2. Kubernetes Controller

Monitors Kubernetes resources using the controller-runtime framework:

  • Watches: Nodes, Pods, Services, Deployments, StatefulSets, DaemonSets, ReplicaSets, PVs, PVCs, Jobs
  • Features: Leader election, concurrent reconciliation, index-based lookups
  • Output: Normalized resources sent to the Resource Store

3. Resource Store

Central data hub built on BadgerDB:

  • Storage: In-memory key-value store for fast access
  • Resources: Generic cloud/Kubernetes resources with metadata
  • Relationships: RDF triplets (subject-predicate-object)
  • Events: Publishes Add/Update/Delete events to subscribers

4. Intake Worker

Streams data to the Antimetal platform:

  • Protocol: gRPC with protobuf messages
  • Batching: Configurable batch size and time windows
  • Reliability: Exponential backoff, automatic reconnection
  • Features: Heartbeat mechanism, stream health monitoring

5. Performance Manager

Collects system and hardware metrics:

  • Architecture: Pluggable collector system
  • Data Sources: /proc, /sys, eBPF programs
  • Collectors: CPU, Memory, Network, Disk, NUMA, and more
  • Patterns: PointCollector (one-shot) and ContinuousCollector (streaming)

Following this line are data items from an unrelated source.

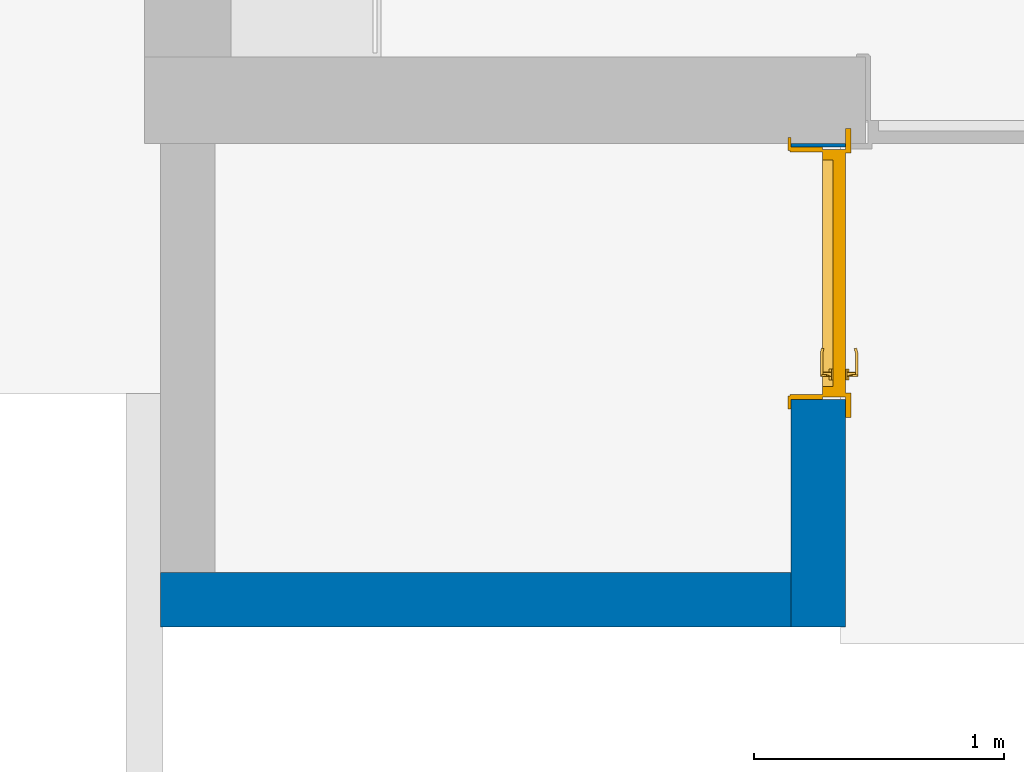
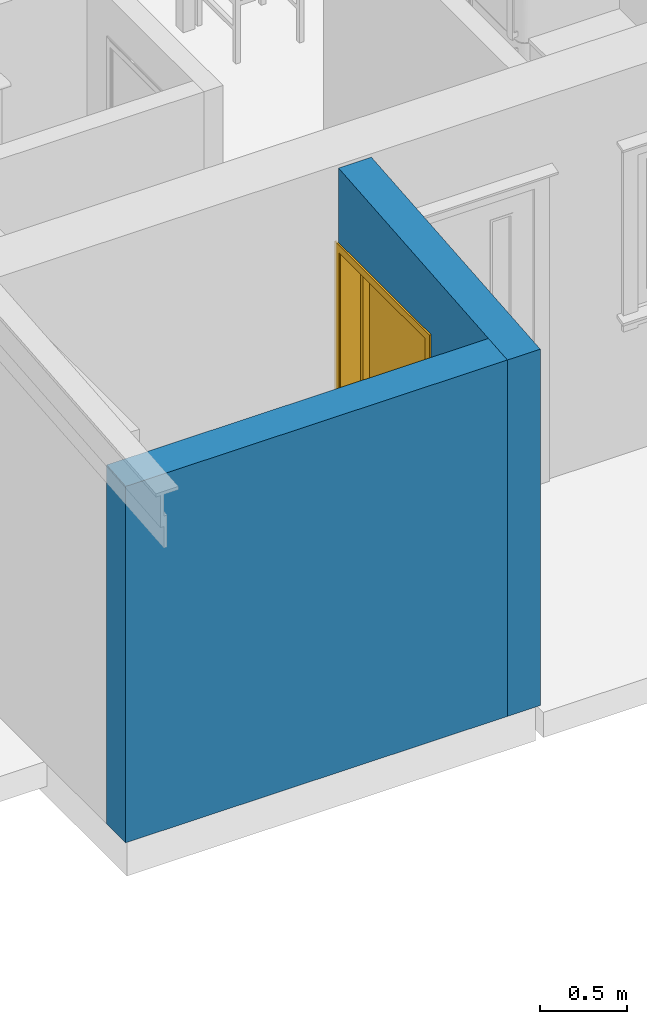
# One storey, part 10 of 65: 2 walls, 1 door, 1 opening.
"""IFC2X3 building model written with IfcOpenShell, lengths in millimetres."""

from ifc_helpers import new_model, entity, si_unit, converted_unit, direction, frame, frame_2d, origin, place, context, subcontext, project, spatial, polyline, rectangle, extrude, clip, bounded_halfspace, faceted_brep, source, transform, mapped, material, material_list, layer, layer_set, layer_usage, type_object, type_shapes, element, fill, save


model = new_model("IFC2X3")

# Units and contexts
model_context = context("Model", 3, precision=0.01, world=origin(), true_north=direction((0.0, 1.0)))
body_context = subcontext(model_context, "Body", "Model", "MODEL_VIEW")
ifc_project = project(units=[si_unit("LENGTHUNIT", "METRE", prefix="MILLI"), si_unit("AREAUNIT", "SQUARE_METRE"), si_unit("VOLUMEUNIT", "CUBIC_METRE"), converted_unit("PLANEANGLEUNIT", "DEGREE", entity("IfcPlaneAngleMeasure", 0.017453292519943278), si_unit("PLANEANGLEUNIT", "RADIAN"), dimensions=[0, 0, 0, 0, 0, 0, 0])], contexts=[model_context])

# Site, building, storey
site_placement = place(None, origin())
site = spatial("IfcSite", under=ifc_project, at=site_placement, Name="Default", CompositionType="ELEMENT")
building_placement = place(site_placement, origin())
building = spatial("IfcBuilding", under=site, at=building_placement, CompositionType="ELEMENT")
storey_placement = place(building_placement, origin())
storey = spatial("IfcBuildingStorey", under=building, at=storey_placement, Name="Et. 1", CompositionType="ELEMENT", Elevation=0.0)

# Wall, opening, door
ifc_material_1 = material(Name="Vegg - Stående Kledning_smal - HVIT")
ifc_layer_1 = layer(ifc_material_1, 19.0)
ifc_material_2 = material(Name="Vegg - Stender - Isolert")
ifc_layer_2 = layer(ifc_material_2, 198.0)
ifc_layer_set = layer_set([ifc_layer_1, ifc_layer_2], Name="Basic Wall:23-Kv(sm)TIG-19_Bod")
ifc_layer_usage_1 = layer_usage(ifc_layer_set, "AXIS2", "NEGATIVE", 108.5)
wall_type = type_object("IfcWallType", Name="Basic Wall:23-Kv(sm)TIG-19_Bod", PredefinedType="STANDARD", material=ifc_layer_set)
wall_1_placement = place(storey_placement, frame((24699.00958675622, 9408.18095768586, 0.0), z_axis=(0.0, 0.0, 1.0), x_axis=(0.0, -1.0, 0.0)))
wall_1 = element("IfcWallStandardCase", 1, at=wall_1_placement, inside=storey, type_object=wall_type, material=ifc_layer_usage_1, Name="Basic Wall:23-Kv(sm)TIG-19_Bod", context=body_context, shape_type="Clipping", body=[
    clip(extrude(rectangle(XDim=1932.0000000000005, YDim=216.9999999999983, at=frame_2d((966.0000000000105, 2.0463630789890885e-12), x_axis=(1.0, 0.0))), origin(), (0.0, 0.0, 1.0), 2657.639611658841), bounded_halfspace(frame((0.0, -108.4999999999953, 2657.639611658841), z_axis=(0.08715574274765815, 0.0, 0.9961946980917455), x_axis=(0.0, 1.0, 0.0)), False, frame((0.0, -108.4999999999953, 2657.639611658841)), polyline([(0.0, 0.0), (1715.0, 0.0), (1932.0, 0.0), (1932.0, 217.0), (0.0, 217.0), (0.0, 0.0)]))),
])
opening_placement = place(wall_1_placement, frame((13.0, -108.50000000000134, 0.0)))
opening = element("IfcOpeningElement", 2, at=opening_placement, cuts=wall_1, Name="YD Hel omramming:10x21M:1", ObjectType="Opening", context=body_context, shape_type="SweptSolid", body=[
    extrude(rectangle(XDim=1010.00000000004, YDim=2100.0000000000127, at=frame_2d((1050.0000000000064, 505.00000000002), x_axis=(0.0, -1.0))), frame((0.0, 0.0, 0.0), z_axis=(0.0, 1.0, 0.0), x_axis=(0.0, 0.0, 1.0)), (0.0, 0.0, 1.0), 217.0),
])
ifc_material_3 = material(Name="Karm")
ifc_material_4 = material(Name="Dør - Håndtak")
ifc_material_5 = material(Name="Dør - Dørblad")
ifc_material_6 = material(Name="Dør - Terskel - Eik")
ifc_material_list = material_list([ifc_material_3, ifc_material_4, ifc_material_5, ifc_material_6])
door_style = type_object("IfcDoorStyle", Name="YD Hel omramming:10x21M", ConstructionType="NOTDEFINED", OperationType="SINGLE_SWING_LEFT", ParameterTakesPrecedence=False, Sizeable=False, material=ifc_material_list)
shared_shape = source(origin(), body_context, "Body", "Brep", [
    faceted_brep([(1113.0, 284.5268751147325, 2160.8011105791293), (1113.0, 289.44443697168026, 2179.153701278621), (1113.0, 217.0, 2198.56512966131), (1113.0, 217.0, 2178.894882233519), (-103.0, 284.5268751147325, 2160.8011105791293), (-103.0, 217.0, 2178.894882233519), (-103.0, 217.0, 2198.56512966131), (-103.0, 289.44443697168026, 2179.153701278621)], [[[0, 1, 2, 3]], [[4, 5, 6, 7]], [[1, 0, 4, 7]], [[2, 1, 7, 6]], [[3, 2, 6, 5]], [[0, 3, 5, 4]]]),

6. Cloud Provider Abstraction

Provides cloud-specific functionality:

  • Interface: Simple provider contract (Name, ClusterName, Region)
  • Implementations: EKS (full), KIND (local), GKE/AKS (planned)
  • Discovery: Auto-detects cloud environment

Data Flow Patterns

Resource Collection Flow

graph LR
    K8sAPI["K8s API Server"] --> Informers --> Controller --> Reconcile --> ResourceStore["Resource Store"] --> Event
Loading

Event Processing Flow

graph LR
    ResourceChange["Resource Change"] --> StoreTransaction["Store Transaction"] --> EventGeneration["Event Generation"] --> TypeFiltering["Type Filtering"] --> Subscribers
Loading

Intake Upload Flow

graph LR
    Event --> IntakeWorker["Intake Worker"] --> BatchQueue["Batch Queue"] --> gRPCStream["gRPC Stream"] --> AntimetalPlatform["Antimetal Platform"]
Loading

Performance Collection Flow

graph LR
    Kernel["Kernel (/proc, /sys)"] --> Collector --> PerformanceManager["Performance Manager"] --> MetricsStore["Metrics Store"]
Loading

Key Design Patterns

1. Event-Driven Communication

  • Components are loosely coupled through events
  • Resource Store acts as an event bus
  • Subscribers filter events by resource type
  • Non-blocking channel operations

2. Interface-Based Abstractions

// Cloud Provider
type Provider interface {
    Name() string
    ClusterName(ctx context.Context) (string, error)
    Region(ctx context.Context) (string, error)
}

// Collector
type Collector interface {
    Name() string
    Collect(ctx context.Context) (any, error)
}

3. Graceful Degradation

  • Missing optional data doesn't cause failures
  • Collectors handle missing files gracefully
  • Network failures trigger exponential backoff
  • Partial data is better than no data

4. Resource-Efficient Design

  • Batching reduces network overhead
  • In-memory caching minimizes I/O
  • Concurrent processing maximizes throughput
  • Careful memory management prevents leaks

Concurrency Model

Goroutine Organization

  • Main: Orchestration and lifecycle management
  • Controller Workers: Parallel Kubernetes reconciliation
  • Intake Worker: Dedicated gRPC streaming
  • Collectors: Independent metric collection
  • Event Router: Fan-out event distribution

Synchronization

  • Channels: Primary communication mechanism
  • Mutexes: Protecting shared state (sparingly used)
  • Context: Propagating cancellation and deadlines
  • WaitGroups: Coordinating shutdown

Extension Points

1. Adding New Collectors

Implement the Collector interface and register:

func init() {
    performance.Register(MetricTypeCustom, NewCustomCollector)
}

2. Adding Cloud Providers

Implement the Provider interface:

type CustomProvider struct{}
func (p *CustomProvider) Name() string { return "custom" }
func (p *CustomProvider) ClusterName(ctx context.Context) (string, error) { ... }
func (p *CustomProvider) Region(ctx context.Context) (string, error) { ... }

3. Custom Resource Types

Define new protobuf messages and register handlers.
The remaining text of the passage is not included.